[SPARK-23004][SS] Ensure StateStore.commit is called only once in a streaming aggregation task #21124

tdas · 2018-04-23T01:29:16Z

What changes were proposed in this pull request?

A structured streaming query with a streaming aggregation can throw the following error in rare cases.

java.lang.IllegalStateException: Cannot commit after already committed or aborted
	at org.apache.spark.sql.execution.streaming.state.HDFSBackedStateStoreProvider.org$apache$spark$sql$execution$streaming$state$HDFSBackedStateStoreProvider$$verify(HDFSBackedStateStoreProvider.scala:643)
	at org.apache.spark.sql.execution.streaming.state.HDFSBackedStateStoreProvider$HDFSBackedStateStore.commit(HDFSBackedStateStoreProvider.scala:135)
	at org.apache.spark.sql.execution.streaming.StateStoreSaveExec$$anonfun$doExecute$3$$anon$2$$anonfun$hasNext$2.apply$mcV$sp(statefulOperators.scala:359)
	at org.apache.spark.sql.execution.streaming.StateStoreWriter$class.timeTakenMs(statefulOperators.scala:102)
	at org.apache.spark.sql.execution.streaming.StateStoreSaveExec.timeTakenMs(statefulOperators.scala:251)
	at org.apache.spark.sql.execution.streaming.StateStoreSaveExec$$anonfun$doExecute$3$$anon$2.hasNext(statefulOperators.scala:359)
	at org.apache.spark.sql.execution.aggregate.ObjectAggregationIterator.processInputs(ObjectAggregationIterator.scala:188)
	at org.apache.spark.sql.execution.aggregate.ObjectAggregationIterator.<init>(ObjectAggregationIterator.scala:78)
	at org.apache.spark.sql.execution.aggregate.ObjectHashAggregateExec$$anonfun$doExecute$1$$anonfun$2.apply(ObjectHashAggregateExec.scala:114)
	at org.apache.spark.sql.execution.aggregate.ObjectHashAggregateExec$$anonfun$doExecute$1$$anonfun$2.apply(ObjectHashAggregateExec.scala:105)
	at org.apache.spark.rdd.RDD$$anonfun$mapPartitionsWithIndexInternal$1$$anonfun$apply$24.apply(RDD.scala:830)
	at org.apache.spark.rdd.RDD$$anonfun$mapPartitionsWithIndexInternal$1$$anonfun$apply$24.apply(RDD.scala:830)
	at org.apache.spark.rdd.MapPartitionsRDD.compute(MapPartitionsRDD.scala:42)
	at org.apache.spark.rdd.RDD.computeOrReadCheckpoint(RDD.scala:336)

This can happen when the following conditions are accidentally hit.

Streaming aggregation with aggregation function that is a subset of TypedImperativeAggregation (for example, collect_set, collect_list, percentile, etc.).
Query running in update} mode
After the shuffle, a partition has exactly 128 records.

This causes StateStore.commit to be called twice.
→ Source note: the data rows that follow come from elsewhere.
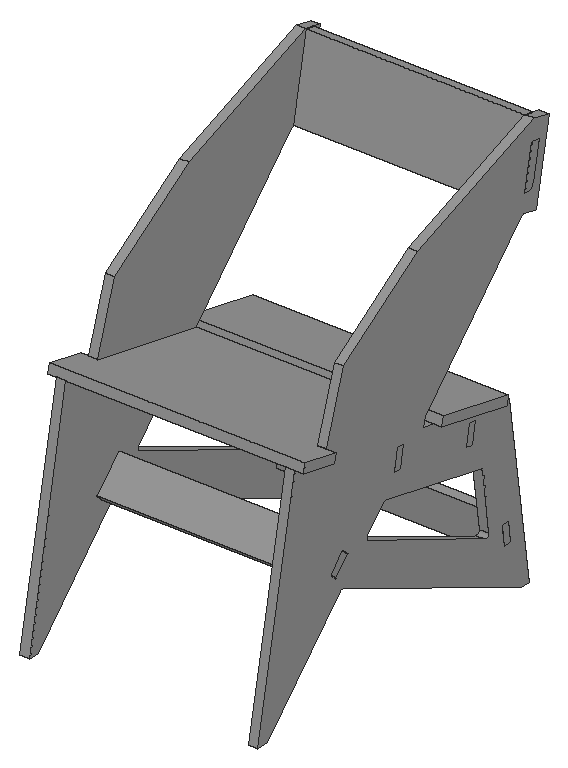
Revit family "c2e1d4b6400a499bb92d55c350820897", category Furniture, Revit 2021
Family settings
  OmniClass Number = 23.40.20.14.14.11
  OmniClass Title = Chairs
  Work Plane-Based = No
  Always vertical = Yes
  Cut with Voids When Loaded = No
  Shared = Yes
  Room Calculation Point = No
Parameters
  Material = Plywood, Finish
  Fusion 360 Link = "http://help.autodesk.com/view/RVT/2019/ENU/?contextId=oonyu_chair"
  Description = "Design by Jeremie Oonyu, African Design Center, 2016.  Permission granted for use under Creative Commons Attribution Only (CC BY)"
  Default Elevation = 0' - 0"
Reference planes (in)
  plane 1 "Center Front/Back": y = -0.02076
  plane 2: z = 0
  plane 3 "Center Left/Right": x = 0
  plane 4 "Left": x = -9.5
  plane 5 "Right": x = 9.5
Forms (in)
  Extrusion 1, solid, material "Plywood, Finish" <- "Material"
    sketch origin (8.85827, 0, 0.03858) x (0, -1, 0) y (0, 0, 1)
      loop
        line (-11.89802, 29.28186) -> (-12.57229, 29.14763) -> (-11.94994, 26.02153) -> (-11.27568, 26.15577) -> (-11.89802, 29.28186)
      loop
        line (-1.94317, 15.30154) -> (-1.8104, 14.63463) -> (-4.70632, 14.0581) -> (-4.78598, 14.45825) -> (-7.10273, 13.99703) -> (-7.02306, 13.59688) -> (-9.79327, 13.04538) -> (-11.6624, -0.03858) -> (-10.97077, -0.03858) -> (5.6428, 7.13684)
        arc (5.6428, 7.13684) -> (5.79157, 7.15236) -> (5.92256, 7.08016) r 0.25
        line (5.92256, 7.08016) -> (12.73336, -0.03858) -> (13.52076, -0.03858) -> (10.12649, 17.01104) -> (9.35424, 16.8573) -> (9.27458, 17.25745) -> (8.11621, 17.02684) -> (8.19587, 16.62669) -> (7.2651, 16.44139) -> (7.13233, 17.10831) -> (5.54844, 21.95718) -> (-1.36016, 26.54852) -> (-12.18694, 30.69467) -> (-13.47924, 30.43739) -> (-12.30117, 24.51986) -> (-11.14345, 24.75034)
        arc (-11.14345, 24.75034) -> (-11.01945, 24.74358) -> (-10.914, 24.67798) r 0.25
        line (-10.914, 24.67798) -> (-1.94317, 15.30154)
      loop
        line (-9.11509, 4.89587) -> (-9.79568, 4.99309) -> (-10.02379, 3.39631) -> (-9.3432, 3.29908) -> (-9.11509, 4.89587)
      loop
        line (-6.08855, 13.08043) -> (-6.76282, 12.94619) -> (-6.44795, 11.36459) -> (-5.77368, 11.49883) -> (-6.08855, 13.08043)
      loop
        line (0.60793, 14.41358) -> (-0.05898, 14.28081) -> (0.25588, 12.6992) -> (0.9228, 12.83197) -> (0.60793, 14.41358)
      loop
        line (5.69806, 9.73307) -> (5.2013, 9.25779) -> (6.30924, 8.09976) -> (6.80601, 8.57503) -> (5.69806, 9.73307)
      loop
        line (1.7056, 11.32033) -> (-7.13984, 9.55936)
        arc (-7.13984, 9.55936) -> (-7.27256, 9.48606) -> (-7.33851, 9.34953) r 0.25
        line (-7.33851, 9.34953) -> (-7.9762, 4.88574)
        arc (-7.9762, 4.88574) -> (-7.8805, 4.65174) -> (-7.62958, 4.62087) r 0.25
        line (-7.62958, 4.62087) -> (3.29485, 9.33915)
        arc (3.29485, 9.33915) -> (3.44075, 9.51902) -> (3.37637, 9.74149) r 0.25
        line (3.37637, 9.74149) -> (1.93505, 11.24797)
        arc (1.93505, 11.24797) -> (1.8296, 11.31357) -> (1.7056, 11.32033) r 0.25
    from 0 to 0.6875
  Extrusion 2, solid, material "Plywood, Finish" <- "Material"
    sketch origin (-8.17077, 0, 0.03858) x (0, -1, 0) y (0, 0, 1)
      loop
        line (-11.89802, 29.28186) -> (-12.57229, 29.14763) -> (-11.94994, 26.02153) -> (-11.27568, 26.15577) -> (-11.89802, 29.28186)
      loop
        line (-1.94317, 15.30154) -> (-1.8104, 14.63463) -> (-4.70632, 14.0581) -> (-4.78598, 14.45825) -> (-7.10273, 13.99703) -> (-7.02306, 13.59688) -> (-9.79327, 13.04538) -> (-11.6624, -0.03858) -> (-10.97077, -0.03858) -> (5.6428, 7.13684)
        arc (5.6428, 7.13684) -> (5.79157, 7.15236) -> (5.92256, 7.08016) r 0.25
        line (5.92256, 7.08016) -> (12.73336, -0.03858) -> (13.52076, -0.03858) -> (10.12649, 17.01104) -> (9.35424, 16.8573) -> (9.27458, 17.25745) -> (8.11621, 17.02684) -> (8.19587, 16.62669) -> (7.2651, 16.44139) -> (7.13233, 17.10831) -> (5.54844, 21.95718) -> (-1.36016, 26.54852) -> (-12.18694, 30.69467) -> (-13.47924, 30.43739) -> (-12.30117, 24.51986) -> (-11.14345, 24.75034)
        arc (-11.14345, 24.75034) -> (-11.01945, 24.74358) -> (-10.914, 24.67798) r 0.25
        line (-10.914, 24.67798) -> (-1.94317, 15.30154)
      loop
        line (-9.11509, 4.89587) -> (-9.79568, 4.99309) -> (-10.02379, 3.39631) -> (-9.3432, 3.29908) -> (-9.11509, 4.89587)
      loop
        line (-6.08855, 13.08043) -> (-6.76282, 12.94619) -> (-6.44795, 11.36459) -> (-5.77368, 11.49883) -> (-6.08855, 13.08043)
      loop
        line (0.60793, 14.41358) -> (-0.05898, 14.28081) -> (0.25588, 12.6992) -> (0.9228, 12.83197) -> (0.60793, 14.41358)
      loop
        line (5.69806, 9.73307) -> (5.2013, 9.25779) -> (6.30924, 8.09976) -> (6.80601, 8.57503) -> (5.69806, 9.73307)
      loop
        arc (-7.13984, 9.55936) -> (-7.27256, 9.48606) -> (-7.33851, 9.34953) r 0.25
        line (-7.33851, 9.34953) -> (-7.9762, 4.88574)
        arc (-7.9762, 4.88574) -> (-7.8805, 4.65174) -> (-7.62958, 4.62087) r 0.25
        line (-7.62958, 4.62087) -> (3.29485, 9.33915)
        arc (3.29485, 9.33915) -> (3.44075, 9.51902) -> (3.37637, 9.74149) r 0.25
        line (3.37637, 9.74149) -> (1.93505, 11.24797)
        arc (1.93505, 11.24797) -> (1.8296, 11.31357) -> (1.7056, 11.32033) r 0.25
        line (1.7056, 11.32033) -> (-7.13984, 9.55936)
    from 0 to 0.6875
  Extrusion 3, solid, material "Plywood, Finish" <- "Material"
    sketch origin (0, 6.50407, -1.29484) x (0, -0.19525, -0.980753) y (1, 0, 0)
      loop
        line (-32.52124, 8.17077) -> (-32.52124, -8.17077) -> (-31.07921, -8.17077) -> (-31.07921, -8.85827) -> (-27.89177, -8.85827) -> (-27.89177, -8.17077) -> (-26.48758, -8.17077) -> (-26.48758, 8.17077) -> (-27.89177, 8.17077) -> (-27.89177, 8.85827) -> (-31.07921, 8.85827) -> (-31.07921, 8.17077) -> (-32.52124, 8.17077)
    from 0 to 0.6875
  Extrusion 4, solid, material "Plywood, Finish" <- "Material"
    sketch origin (0, 2.87882, 14.4605) x (0, 0.980753, -0.19525) y (-1, 0, 0)
      loop
        line (-0.09761, 9.5) -> (-0.09761, -9.5) -> (6.01706, -9.5) -> (6.01706, 9.5) -> (-0.09761, 9.5)
    from 0 to 0.6875
  Extrusion 5, solid, material "Plywood, Finish" <- "Material"
    sketch origin (0, 2.87882, 14.4605) x (0, 0.980753, -0.19525) y (-1, 0, 0)
      loop
        line (-13.253, 9.5) -> (-13.253, -9.5) -> (-10.33545, -9.5) -> (-10.33545, -8.17827) -> (-1.08186, -8.17827) -> (-1.08186, 8.17827) -> (-10.33545, 8.17827) -> (-10.33545, 9.5) -> (-13.253, 9.5)
    from 0 to 0.6875
  Extrusion 6, solid, material "Plywood, Finish" <- "Material"
    sketch origin (0, -7.35923, 7.04088) x (0, -0.691306, -0.722563) y (1, 0, 0)
      loop
        line (-3.78262, -8.17827) -> (-3.12152, -8.17827) -> (-3.12152, -8.85827) -> (-1.51884, -8.85827) -> (-1.51884, -8.17827) -> (-0.82987, -8.17827) -> (-0.82987, 8.17827) -> (-1.51884, 8.17827) -> (-1.51884, 8.85827) -> (-3.12152, 8.85827) -> (-3.12152, 8.17827) -> (-3.78262, 8.17827) -> (-3.78262, -8.17827)
    from 0 to 0.6875
  Extrusion 7, solid, material "Plywood, Finish" <- "Material"
    sketch origin (0, 10.3042, 1.47203) x (0, 0.141421, -0.989949) y (1, 0, 0)
      loop
        line (-4.24657, 8.17827) -> (-4.24657, -8.17827) -> (-3.59578, -8.17827) -> (-3.59578, -8.85827) -> (-1.98279, -8.85827) -> (-1.98279, -8.17827) -> (-1.29381, -8.17827) -> (-1.29381, 8.17827) -> (-1.98279, 8.17827) -> (-1.98279, 8.85827) -> (-3.59578, 8.85827) -> (-3.59578, 8.17827) -> (-4.24657, 8.17827)
    from 0 to 0.6875
  Extrusion 8, solid, material "Plywood, Finish" <- "Material"
    sketch origin (0, -2.68532, 0.5346) x (0, 0.19525, 0.980753) y (1, 0, 0)
      loop
        line (11.75369, -8.17827) -> (12.44266, -8.17827) -> (12.44266, -8.85827) -> (14.0553, -8.85827) -> (14.0553, -8.17827) -> (14.70644, -8.17827) -> (14.70644, -5.27024) -> (15.11444, -5.27024) -> (15.11444, -2.90803) -> (14.70644, -2.90803) -> (14.70644, 2.90803) -> (15.11444, 2.90803) -> (15.11444, 5.27024) -> (14.70644, 5.27024) -> (14.70644, 8.17827) -> (14.0553, 8.17827) -> (14.0553, 8.85827) -> (12.44266, 8.85827) -> (12.44266, 8.17827) -> (11.75369, 8.17827) -> (11.75369, -8.17827)
    from -0.68 to 0
  Extrusion 9, solid, material "Plywood, Finish" <- "Material"
    sketch origin (0, 4.01852, -0.80001) x (0, -0.19525, -0.980753) y (1, 0, 0)
      loop
        line (-11.75369, -8.17827) -> (-11.75369, 8.17827) -> (-12.44266, 8.17827) -> (-12.44266, 8.85827) -> (-14.0553, 8.85827) -> (-14.0553, 8.17827) -> (-14.70644, 8.17827) -> (-14.70644, 5.27024) -> (-15.11444, 5.27024) -> (-15.11444, 2.90803) -> (-14.70644, 2.90803) -> (-14.70644, -2.90803) -> (-15.11444, -2.90803) -> (-15.11444, -5.27024) -> (-14.70644, -5.27024) -> (-14.70644, -8.17827) -> (-14.0553, -8.17827) -> (-14.0553, -8.85827) -> (-12.44266, -8.85827) -> (-12.44266, -8.17827) -> (-11.75369, -8.17827)
    from 0 to 0.6875
Cuts and joins
  joined: Extrusion 5, Extrusion 8
Lines and regions (in)
  Masking region 1
    outline origin (0, 0, 0) x (1, 0, 0) y (0, 1, 0)
      loop
        line (-8.09053, 10.50165) -> (-8.09053, 9.02305) -> (8.0851, 9.02305) -> (8.0851, 10.50165) -> (-8.09053, 10.50165)
Dimensions and locks (in)
  cut or joined group of Extrusion 5, Extrusion 8 to cut or joined group of Extrusion 5, Extrusion 8 = 1' - 7"
  Extrusion 2 to Extrusion 2 = 2' - 3"
  equal spacing: Extrusion 2, plane 1 "Center Front/Back", Extrusion 2
  equal spacing: plane 4 "Left", plane 3 "Center Left/Right", plane 5 "Right"
  aligned and locked: level to plane 2
  aligned and locked: Extrusion 2 to Extrusion 3
  aligned and locked: Extrusion 3 to Extrusion 2
Automatic sketch dimensions
  Extrusion 1 sketch curve to level = 0' - 0"  (x2)
  Extrusion 1 sketch curve to plane 1 "Center Front/Back" = 1' - 1 1/2"
  Extrusion 1 sketch curve to Extrusion 1 sketch curve = 0' - 0.90695"
  Extrusion 1 sketch curve to Extrusion 1 sketch curve = 0' - 0.27112"
  Extrusion 1 sketch curve to Extrusion 1 sketch curve = 0' - 1.2923"
  Extrusion 1 sketch curve to Extrusion 1 sketch curve = 0' - 0.35122"
  Extrusion 1 sketch curve to Extrusion 1 sketch curve = 0' - 0.67427"  (x2)
  Extrusion 1 sketch curve to plane 1 "Center Front/Back" = 0' - 11.68316"
  Extrusion 1 sketch curve to Extrusion 1 sketch curve = 0' - 1.15772"
  Extrusion 1 sketch curve to Extrusion 1 sketch curve = 0' - 0.04881"  (x2)
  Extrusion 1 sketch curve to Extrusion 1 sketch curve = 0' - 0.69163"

See the JIRA for a more detailed explanation. The solution is to use NextIterator or CompletionIterator, each of which has a flag to prevent the "onCompletion" task from being called more than once. In this PR, I chose to implement using NextIterator.

How was this patch tested?

Added unit test that I have confirm will fail without the fix.

tdas · 2018-04-23T01:38:34Z

@brkyvz PTAL.

tedyu · 2018-04-23T01:42:54Z

+1

ConcurrencyPractitioner · 2018-04-23T03:06:10Z

+1

SparkQA · 2018-04-23T05:15:21Z

Test build #89694 has finished for PR 21124 at commit 304498e.

This patch passes all tests.
This patch merges cleanly.
This patch adds no public classes.

brkyvz · 2018-04-23T15:54:12Z

LGTM!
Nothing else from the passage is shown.